Mocking JSON Responses

If you're mocking an API that sends back JSON data, you can more easily mock your responses using the register_json method:

import fauxquests
import requests

faux_server = fauxquests.FauxServer()
with faux_server as fs:
    fs.register_json('http://foo/', { 'spam': True })

    r = requests.get('http://foo/')
    r.json()   # { 'spam': True }

Request Methods

New in fauxquests 1.1.

In fauxquests 1.0, the request method (GET, POST, etc.) is ignored.

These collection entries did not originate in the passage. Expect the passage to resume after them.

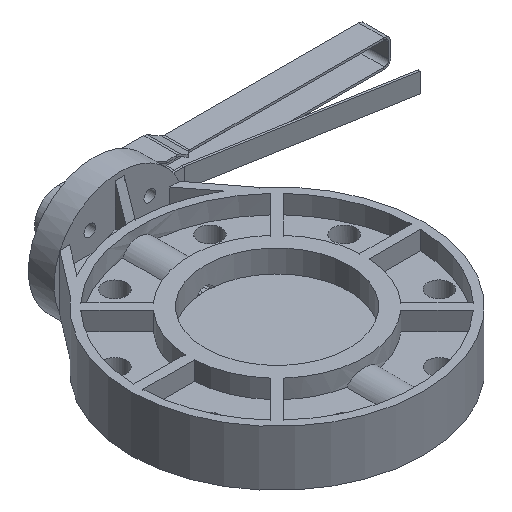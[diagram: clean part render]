
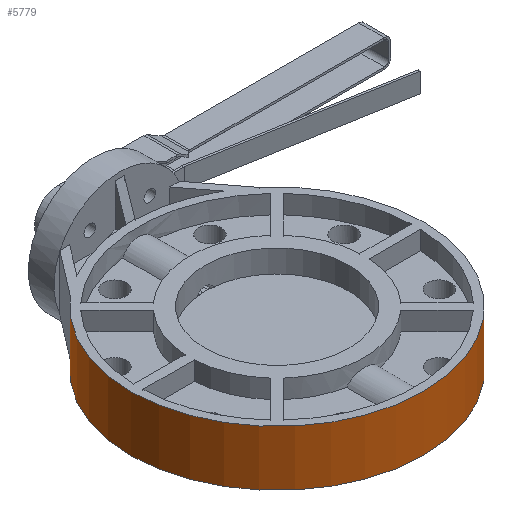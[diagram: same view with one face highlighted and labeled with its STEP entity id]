
A CAD part, isometric view. The second image highlights one B-rep face of the part: STEP entity #5779.
In plain terms, the highlighted cylindrical face has radius 142.481 mm (diameter 284.963 mm), a partial arc.
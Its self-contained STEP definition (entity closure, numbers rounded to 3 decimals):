
#124 = EDGE_LOOP ( 'NONE', ( #5863, #7550, #5377, #2331 ) ) ;
#272 = CARTESIAN_POINT ( 'NONE',  ( -92.037, 108.766, -26.924 ) ) ;
#335 = LINE ( 'NONE', #7780, #8936 ) ;
#433 = AXIS2_PLACEMENT_3D ( 'NONE', #5939, #5257, #6522 ) ;
#580 = CIRCLE ( 'NONE', #5344, 142.481 ) ;
#859 = EDGE_CURVE ( 'NONE', #2923, #3394, #580, .T. ) ;
#988 = VERTEX_POINT ( 'NONE', #272 ) ;
#2331 = ORIENTED_EDGE ( 'NONE', *, *, #859, .F. ) ;
#2679 = DIRECTION ( 'NONE',  ( -1., 0., 0. ) ) ;
#2923 = VERTEX_POINT ( 'NONE', #7396 ) ;
#3211 = AXIS2_PLACEMENT_3D ( 'NONE', #4157, #4249, #2679 ) ;
#3256 = DIRECTION ( 'NONE',  ( 0., 0., 1. ) ) ;
#3394 = VERTEX_POINT ( 'NONE', #5740 ) ;
#3395 = DIRECTION ( 'NONE',  ( 0., 0., 1. ) ) ;
#3456 = DIRECTION ( 'NONE',  ( 0., 0., 1. ) ) ;
#3647 = CIRCLE ( 'NONE', #433, 142.481 ) ;
#4145 = CARTESIAN_POINT ( 'NONE',  ( -92.037, 108.766, -216.217 ) ) ;
#4157 = CARTESIAN_POINT ( 'NONE',  ( 0., 0., 26.924 ) ) ;
#4168 = DIRECTION ( 'NONE',  ( 1., 0., 0. ) ) ;
#4249 = DIRECTION ( 'NONE',  ( 0., 0., -1. ) ) ;
#4725 = VECTOR ( 'NONE', #3456, 1000. ) ;
#5257 = DIRECTION ( 'NONE',  ( 0., 0., 1. ) ) ;
#5344 = AXIS2_PLACEMENT_3D ( 'NONE', #5538, #3395, #4168 ) ;
#5377 = ORIENTED_EDGE ( 'NONE', *, *, #6240, .T. ) ;
#5538 = CARTESIAN_POINT ( 'NONE',  ( 0., 0., 26.924 ) ) ;
#5646 = LINE ( 'NONE', #4145, #4725 ) ;
#5651 = VERTEX_POINT ( 'NONE', #9518 ) ;
#5740 = CARTESIAN_POINT ( 'NONE',  ( 92.037, 108.766, 26.924 ) ) ;
#5753 = CYLINDRICAL_SURFACE ( 'NONE', #3211, 142.481 ) ;
#5779 = ADVANCED_FACE ( 'NONE', ( #7370 ), #5753, .T. ) ;
#5863 = ORIENTED_EDGE ( 'NONE', *, *, #9442, .F. ) ;
#5939 = CARTESIAN_POINT ( 'NONE',  ( 0., 0., -26.924 ) ) ;
#6240 = EDGE_CURVE ( 'NONE', #5651, #3394, #335, .T. ) ;
#6522 = DIRECTION ( 'NONE',  ( 1., 0., 0. ) ) ;
#7370 = FACE_OUTER_BOUND ( 'NONE', #124, .T. ) ;
#7396 = CARTESIAN_POINT ( 'NONE',  ( -92.037, 108.766, 26.924 ) ) ;
#7550 = ORIENTED_EDGE ( 'NONE', *, *, #9289, .T. ) ;
#7780 = CARTESIAN_POINT ( 'NONE',  ( 92.037, 108.766, -216.217 ) ) ;
#8936 = VECTOR ( 'NONE', #3256, 1000. ) ;
#9289 = EDGE_CURVE ( 'NONE', #988, #5651, #3647, .T. ) ;
#9442 = EDGE_CURVE ( 'NONE', #988, #2923, #5646, .T. ) ;
#9518 = CARTESIAN_POINT ( 'NONE',  ( 92.037, 108.766, -26.924 ) ) ;
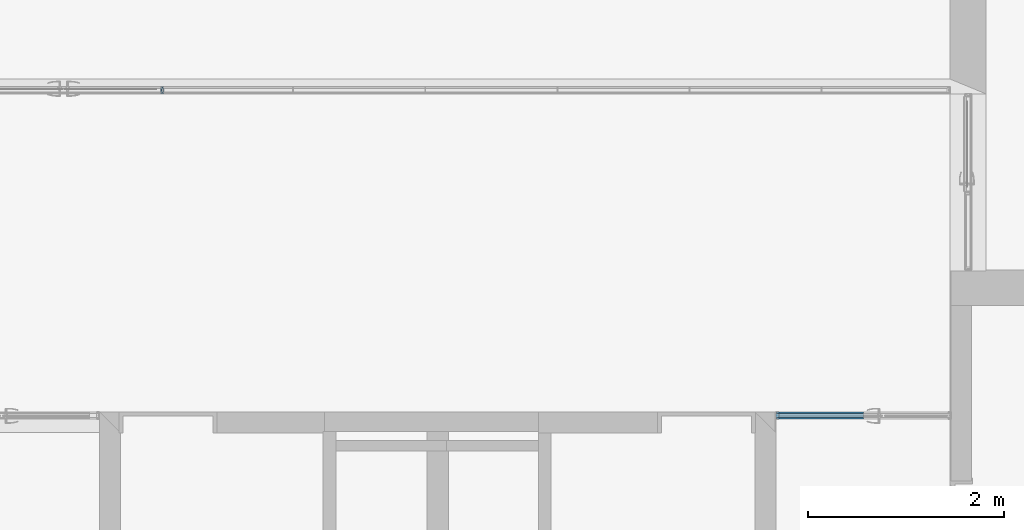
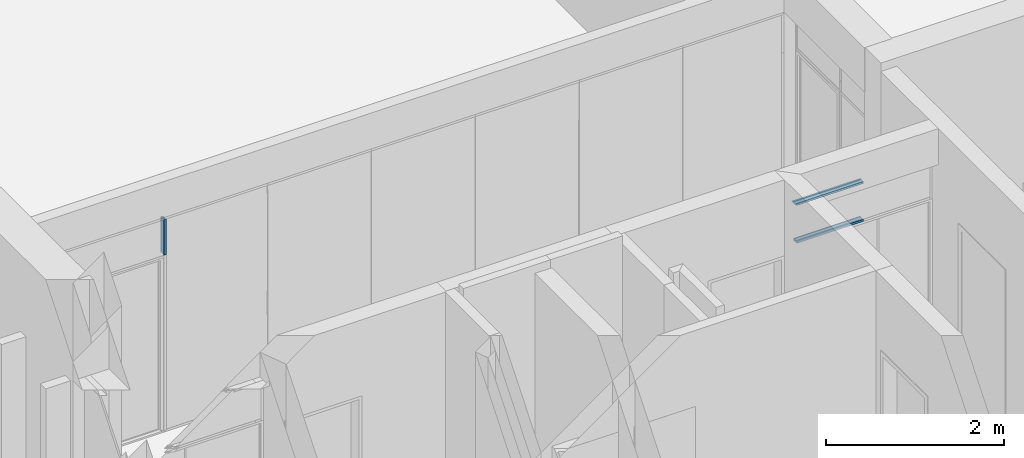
# One storey, part 69 of 89: 5 building element parts, 5 elements without a shape of their own.
"""IFC2X3 building model written with IfcOpenShell, lengths in millimetres."""

from ifc_helpers import new_model, entity, si_unit, converted_unit, derived_unit, money_unit, direction, frame, origin_with_axes, place, context, subcontext, project, spatial, faceted_brep, material, type_object, element, aggregate, save


model = new_model("IFC2X3")

# Units and contexts
model_context = context("Model", 3, precision=0.01, world=origin_with_axes(), true_north=direction((0.0, 1.0)))
body_context = subcontext(model_context, "Body", "Model", "MODEL_VIEW")
ifc_project = project(units=[si_unit("LENGTHUNIT", "METRE", prefix="MILLI"), si_unit("AREAUNIT", "SQUARE_METRE"), si_unit("VOLUMEUNIT", "CUBIC_METRE"), converted_unit("PLANEANGLEUNIT", "DEGREE", entity("IfcPlaneAngleMeasure", 0.0174532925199), si_unit("PLANEANGLEUNIT", "RADIAN"), dimensions=[0, 0, 0, 0, 0, 0, 0]), si_unit("SOLIDANGLEUNIT", "STERADIAN"), money_unit("EUR"), converted_unit("TIMEUNIT", "Year", entity("IfcTimeMeasure", 31556926.0), si_unit("TIMEUNIT", "SECOND"), dimensions=[0, 0, 1, 0, 0, 0, 0]), si_unit("MASSUNIT", "GRAM", prefix="KILO"), si_unit("THERMODYNAMICTEMPERATUREUNIT", "DEGREE_CELSIUS"), si_unit("LUMINOUSINTENSITYUNIT", "LUMEN"), si_unit("ENERGYUNIT", "JOULE", prefix="MEGA"), derived_unit("THERMALCONDUCTANCEUNIT", [(si_unit("POWERUNIT", "WATT"), 1), (si_unit("LENGTHUNIT", "METRE"), -1), (si_unit("THERMODYNAMICTEMPERATUREUNIT", "KELVIN"), -1)]), derived_unit("SPECIFICHEATCAPACITYUNIT", [(si_unit("ENERGYUNIT", "JOULE"), 1), (si_unit("MASSUNIT", "GRAM", prefix="KILO"), -1), (si_unit("THERMODYNAMICTEMPERATUREUNIT", "KELVIN"), -1)]), derived_unit("MASSDENSITYUNIT", [(si_unit("MASSUNIT", "GRAM", prefix="KILO"), 1), (si_unit("VOLUMEUNIT", "CUBIC_METRE"), -1)])], contexts=[model_context])

# Site, building, storey
site_placement = place(None, origin_with_axes())
site = spatial("IfcSite", under=ifc_project, at=site_placement, Name="Puškini 31, Narva", CompositionType="ELEMENT")
building_placement = place(site_placement, origin_with_axes())
building = spatial("IfcBuilding", under=site, at=building_placement, Name="Narva Riigigümnaasium", CompositionType="ELEMENT")
storey_placement = place(building_placement, frame((0.0, 0.0, -3300.0), z_axis=(0.0, 0.0, 1.0), x_axis=(1.0, 0.0, 0.0)))
storey = spatial("IfcBuildingStorey", under=building, at=storey_placement, Name="1.korrus -3.3", CompositionType="ELEMENT", Elevation=-3300.0)

# Curtain wall, member, building element part
curtain_wall_type = type_object("IfcCurtainWallType", Name="Curtain Wall Type", PredefinedType="NOTDEFINED")
curtain_wall_1_placement = place(storey_placement, frame((40014.000008, 243997.000057, -9.155864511e-06), z_axis=(0.0, 0.0, 1.0), x_axis=(1.0, 0.0, 0.0)))
curtain_wall_1 = element("IfcCurtainWall", 1, at=curtain_wall_1_placement, inside=storey, type_object=curtain_wall_type, Name="G-SKLF-09")
member_type_1 = type_object("IfcMemberType", Name="34 x 37", PredefinedType="MULLION")
member_1_placement = place(curtain_wall_1_placement, frame((-572.99999416, 0.0, 2430.00001138), z_axis=(0.0, 0.0, 1.0), x_axis=(-1.0, 0.0, 0.0)))
member_1 = element("IfcMember", 2, at=member_1_placement, type_object=member_type_1, Name="G-SKLF-09-raam", ObjectType="MULLION")
aggregate(curtain_wall_1, [member_1])
ifc_material_1 = material(Name="Teras RAL7012")
building_element_part_1_placement = place(member_1_placement, origin_with_axes())
building_element_part_1 = element("IfcBuildingElementPart", 3, at=building_element_part_1_placement, material=ifc_material_1, Name="Teras RAL7012", context=body_context, shape_type="Brep", body=[
    faceted_brep([(-14.8000001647, 17.0000000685, 0.0), (-14.8000001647, 17.0000000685, 489.999976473), (-3.08908454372e-07, 17.0000000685, 489.999976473), (-3.08908454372e-07, 17.0000000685, 0.0), (-14.8000001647, -17.0000001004, 0.0), (-14.8000001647, -17.0000001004, 489.999976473), (-3.08908454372e-07, -17.0000001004, 489.999976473), (14.8000003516, -17.0000001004, 489.999976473), (14.8000003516, 17.0000000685, 489.999976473), (-12.8000002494, -15.0000001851, 489.999976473), (-12.8000002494, 15.0000001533, 489.999976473), (4.0000003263, 15.0000001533, 489.999976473), (4.0000003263, -15.0000001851, 489.999976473), (14.8000003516, 17.0000000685, 0.0), (14.8000003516, -17.0000001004, 0.0), (-3.08908454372e-07, -17.0000001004, 0.0), (-12.8000002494, -15.0000001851, 0.0), (4.0000003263, -15.0000001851, 0.0), (4.0000003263, 15.0000001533, 0.0), (-12.8000002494, 15.0000001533, 0.0)], [[[0, 1, 2, 3]], [[4, 5, 1, 0]], [[1, 5, 6, 7, 8, 2], [9, 10, 11, 12]], [[3, 2, 8, 13]], [[0, 3, 13, 14, 15, 4], [16, 17, 18, 19]], [[15, 6, 5, 4]], [[14, 7, 6, 15]], [[13, 8, 7, 14]], [[19, 10, 9, 16]], [[18, 11, 10, 19]], [[17, 12, 11, 18]], [[16, 9, 12, 17]]]),
    faceted_brep([(0.0, -37.0000000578, 0.0), (0.0, -37.0000000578, 489.999976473), (0.0, -17.0, 489.999976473), (0.0, -17.0, 0.0), (17.0000193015, -37.0000000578, 0.0), (17.0000193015, -37.0000000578, 489.999976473), (17.0000193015, -34.0161446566, 489.999976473), (15.5126239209, -34.0161444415, 489.999976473), (11.987414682, -34.0161444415, 489.999976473), (7.50000002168, -34.0161446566, 489.999976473), (7.50000002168, -20.0000000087, 489.999976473), (17.0000193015, -20.0000000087, 489.999976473), (17.0000193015, -17.0, 489.999976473), (14.8000003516, -17.0000001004, 489.999976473), (14.8000003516, -17.0000001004, 0.0), (17.0000193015, -17.0, 0.0), (17.0000193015, -20.0000000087, 0.0), (7.50000002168, -20.0000000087, 0.0), (7.50000002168, -34.0161446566, 0.0), (11.987414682, -34.0161444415, 0.0), (15.5126239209, -34.0161444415, 0.0), (17.0000193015, -34.0161446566, 0.0)], [[[0, 1, 2, 3]], [[4, 5, 1, 0]], [[1, 5, 6, 7, 8, 9, 10, 11, 12, 13, 2]], [[3, 2, 13, 14]], [[0, 3, 14, 15, 16, 17, 18, 19, 20, 21, 4]], [[21, 6, 5, 4]], [[20, 7, 6, 21]], [[19, 8, 7, 20]], [[18, 9, 8, 19]], [[17, 10, 9, 18]], [[16, 11, 10, 17]], [[15, 12, 11, 16]], [[14, 13, 12, 15]]]),
    faceted_brep([(0.0, 16.9999999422, 0.0), (0.0, 16.9999999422, 489.999976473), (0.0, 37.0, 489.999976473), (0.0, 37.0, 0.0), (14.8000003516, 17.0000000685, 0.0), (14.8000003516, 17.0000000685, 489.999976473), (17.0000193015, 16.9999999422, 489.999976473), (17.0000193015, 19.9999999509, 489.999976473), (7.50000002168, 19.9999999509, 489.999976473), (7.50000002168, 34.0161445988, 489.999976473), (11.987414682, 34.0161444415, 489.999976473), (15.5126239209, 34.0161444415, 489.999976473), (17.0000193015, 34.0161445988, 489.999976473), (17.0000193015, 37.0, 489.999976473), (17.0000193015, 37.0, 0.0), (17.0000193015, 34.0161445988, 0.0), (15.5126239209, 34.0161444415, 0.0), (11.987414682, 34.0161444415, 0.0), (7.50000002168, 34.0161445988, 0.0), (7.50000002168, 19.9999999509, 0.0), (17.0000193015, 19.9999999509, 0.0), (17.0000193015, 16.9999999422, 0.0)], [[[0, 1, 2, 3]], [[4, 5, 1, 0]], [[1, 5, 6, 7, 8, 9, 10, 11, 12, 13, 2]], [[3, 2, 13, 14]], [[0, 3, 14, 15, 16, 17, 18, 19, 20, 21, 4]], [[21, 6, 5, 4]], [[20, 7, 6, 21]], [[19, 8, 7, 20]], [[18, 9, 8, 19]], [[17, 10, 9, 18]], [[16, 11, 10, 17]], [[15, 12, 11, 16]], [[14, 13, 12, 15]]]),
    faceted_brep([(0.0, -17.0, 0.0), (0.0, -17.0, 489.999976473), (0.0, -37.0, 489.999976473), (0.0, -37.0, 0.0), (-14.8000001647, -17.0000001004, 0.0), (-14.8000001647, -17.0000001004, 489.999976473), (-17.0000193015, -17.0, 489.999976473), (-17.0000193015, -20.0, 489.999976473), (-7.49999999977, -20.0, 489.999976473), (-7.49999999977, -34.0161444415, 489.999976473), (-11.987414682, -34.0161444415, 489.999976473), (-15.5126239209, -34.0161444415, 489.999976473), (-17.0000193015, -34.0161444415, 489.999976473), (-17.0000193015, -37.0, 489.999976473), (-17.0000193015, -37.0, 0.0), (-17.0000193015, -34.0161444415, 0.0), (-15.5126239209, -34.0161444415, 0.0), (-11.987414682, -34.0161444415, 0.0), (-7.49999999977, -34.0161444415, 0.0), (-7.49999999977, -20.0, 0.0), (-17.0000193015, -20.0, 0.0), (-17.0000193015, -17.0, 0.0)], [[[0, 1, 2, 3]], [[4, 5, 1, 0]], [[1, 5, 6, 7, 8, 9, 10, 11, 12, 13, 2]], [[3, 2, 13, 14]], [[0, 3, 14, 15, 16, 17, 18, 19, 20, 21, 4]], [[21, 6, 5, 4]], [[20, 7, 6, 21]], [[19, 8, 7, 20]], [[18, 9, 8, 19]], [[17, 10, 9, 18]], [[16, 11, 10, 17]], [[15, 12, 11, 16]], [[14, 13, 12, 15]]]),
    faceted_brep([(0.0, 17.0, 0.0), (0.0, 17.0, 489.999976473), (-14.8000001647, 17.0000000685, 489.999976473), (-14.8000001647, 17.0000000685, 0.0), (0.0, 37.0, 0.0), (0.0, 37.0, 489.999976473), (-17.0000193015, 37.0, 489.999976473), (-17.0000193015, 34.0161444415, 489.999976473), (-15.5126239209, 34.0161444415, 489.999976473), (-11.987414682, 34.0161444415, 489.999976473), (-7.49999999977, 34.0161444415, 489.999976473), (-7.49999999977, 20.0, 489.999976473), (-17.0000193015, 20.0, 489.999976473), (-17.0000193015, 17.0, 489.999976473), (-17.0000193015, 17.0, 0.0), (-17.0000193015, 20.0, 0.0), (-7.49999999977, 20.0, 0.0), (-7.49999999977, 34.0161444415, 0.0), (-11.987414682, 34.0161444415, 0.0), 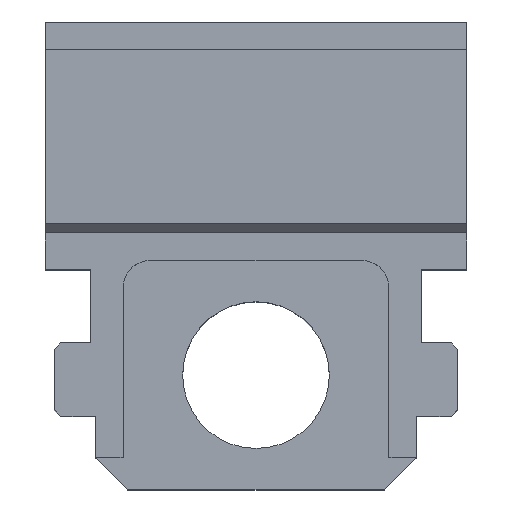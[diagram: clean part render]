
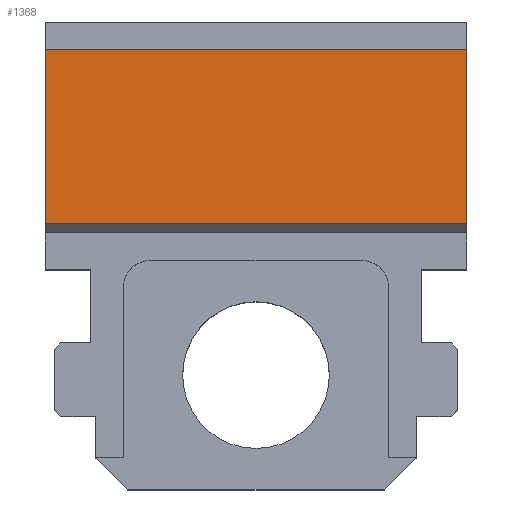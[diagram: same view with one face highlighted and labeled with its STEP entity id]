
A CAD part, top view. The second image highlights one B-rep face of the part: STEP entity #1368.
In plain terms, the highlighted planar face has unit normal (0, 0, 1).
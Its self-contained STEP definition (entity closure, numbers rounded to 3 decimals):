
#32 = FACE_OUTER_BOUND ( 'NONE', #2102, .T. ) ;
#111 = ORIENTED_EDGE ( 'NONE', *, *, #1756, .T. ) ;
#184 = CARTESIAN_POINT ( 'NONE',  ( -23., 62., 18. ) ) ;
#216 = DIRECTION ( 'NONE',  ( -1., 0., 0. ) ) ;
#251 = EDGE_CURVE ( 'NONE', #514, #1010, #1250, .T. ) ;
#375 = VERTEX_POINT ( 'NONE', #184 ) ;
#514 = VERTEX_POINT ( 'NONE', #2291 ) ;
#526 = VECTOR ( 'NONE', #1206, 1000. ) ;
#563 = VECTOR ( 'NONE', #619, 1000. ) ;
#619 = DIRECTION ( 'NONE',  ( 0., -1., 0. ) ) ;
#813 = EDGE_CURVE ( 'NONE', #1010, #2016, #1070, .T. ) ;
#856 = ORIENTED_EDGE ( 'NONE', *, *, #813, .F. ) ;
#920 = CARTESIAN_POINT ( 'NONE',  ( 23., 43., 18. ) ) ;
#1003 = LINE ( 'NONE', #1407, #526 ) ;
#1010 = VERTEX_POINT ( 'NONE', #1507 ) ;
#1024 = VECTOR ( 'NONE', #216, 1000. ) ;
#1070 = LINE ( 'NONE', #920, #1709 ) ;
#1186 = DIRECTION ( 'NONE',  ( 0., 0., -1. ) ) ;
#1206 = DIRECTION ( 'NONE',  ( 0., -1., 0. ) ) ;
#1250 = LINE ( 'NONE', #2489, #563 ) ;
#1368 = ADVANCED_FACE ( 'NONE', ( #32 ), #1691, .F. ) ;
#1407 = CARTESIAN_POINT ( 'NONE',  ( -23., 43., 18. ) ) ;
#1507 = CARTESIAN_POINT ( 'NONE',  ( 23., 43., 18. ) ) ;
#1691 = PLANE ( 'NONE',  #2307 ) ;
#1709 = VECTOR ( 'NONE', #1740, 1000. ) ;
#1740 = DIRECTION ( 'NONE',  ( -1., 0., 0. ) ) ;
#1756 = EDGE_CURVE ( 'NONE', #375, #2016, #1003, .T. ) ;
#1767 = CARTESIAN_POINT ( 'NONE',  ( 23., 43., 18. ) ) ;
#1775 = DIRECTION ( 'NONE',  ( 0., 1., 0. ) ) ;
#1946 = ORIENTED_EDGE ( 'NONE', *, *, #2052, .T. ) ;
#2016 = VERTEX_POINT ( 'NONE', #2438 ) ;
#2052 = EDGE_CURVE ( 'NONE', #514, #375, #2258, .T. ) ;
#2102 = EDGE_LOOP ( 'NONE', ( #111, #856, #2389, #1946 ) ) ;
#2258 = LINE ( 'NONE', #2490, #1024 ) ;
#2291 = CARTESIAN_POINT ( 'NONE',  ( 23., 62., 18. ) ) ;
#2307 = AXIS2_PLACEMENT_3D ( 'NONE', #1767, #1186, #1775 ) ;
#2389 = ORIENTED_EDGE ( 'NONE', *, *, #251, .F. ) ;
#2438 = CARTESIAN_POINT ( 'NONE',  ( -23., 43., 18. ) ) ;
#2489 = CARTESIAN_POINT ( 'NONE',  ( 23., 43., 18. ) ) ;
#2490 = CARTESIAN_POINT ( 'NONE',  ( 23., 62., 18. ) ) ;

This is changed in fauxquests 1.1. Registrations are assumed to be applicable to GET requests only unless another method is specified.

If you are mocking a request with another method, such as POST, PUT, or PATCH, use a method keyword argument to the registration method:

import fauxquests
import requests

faux_server = fauxquests.FauxServer()
with faux_server as fs:
    fs.register_json('http://foo/', {'spam': True}, method='POST')

    r = requests.post('http://foo/')
    r.json()   # { 'spam': True }

    r = requests.get('http://foo/')  # UnregisteredRequest

Query Strings in URLs

fauxquests has special handling for query-strings in URLs, in two ways. First, if fauxquests receives a request for a URL that contains the exact URL you registered but a superset of your query string, it will send the appropriate response anyway:

import fauxquests
import requests

faux_server = fauxquests.FauxServer()
faux_server.register_json('http://api/?q=kitties', { 'results': [] })

with faux_server as fs:
    r = requests.get('http://api/?api_key=01234567&q=kitties')
    r.json()  # { 'results': [] }

Second, you can (optionally) specify query string pieces as keyword arguments in the register and register_json method:

import fauxquests
import requests

faux_server = fauxquests.FauxServer()
faux_server.register_json('http://foo/', 'My response!', bar=1)

with faux_server as fs:
    requests.get('http://foo/?bar=1').content  # My response!

URL Patterns

Lastly, fauxquests allows you to provide a URL pattern to FauxServer, for situations where you are mocking lots of requests to the same server, and want to focus on what is different:

import fauxquests

faux_server = FauxServer(url_pattern='https://api.twitter.com/1.1/%s.json')
faux_server.register_json('statuses/user_timeline', { ... })
faux_server.register_json('statuses/home_timeline', { ... })
faux_server.register_json('search/tweets', { ... })

The url_pattern argument should include one %s placeholder, and the URL fragments you register will be used in its place.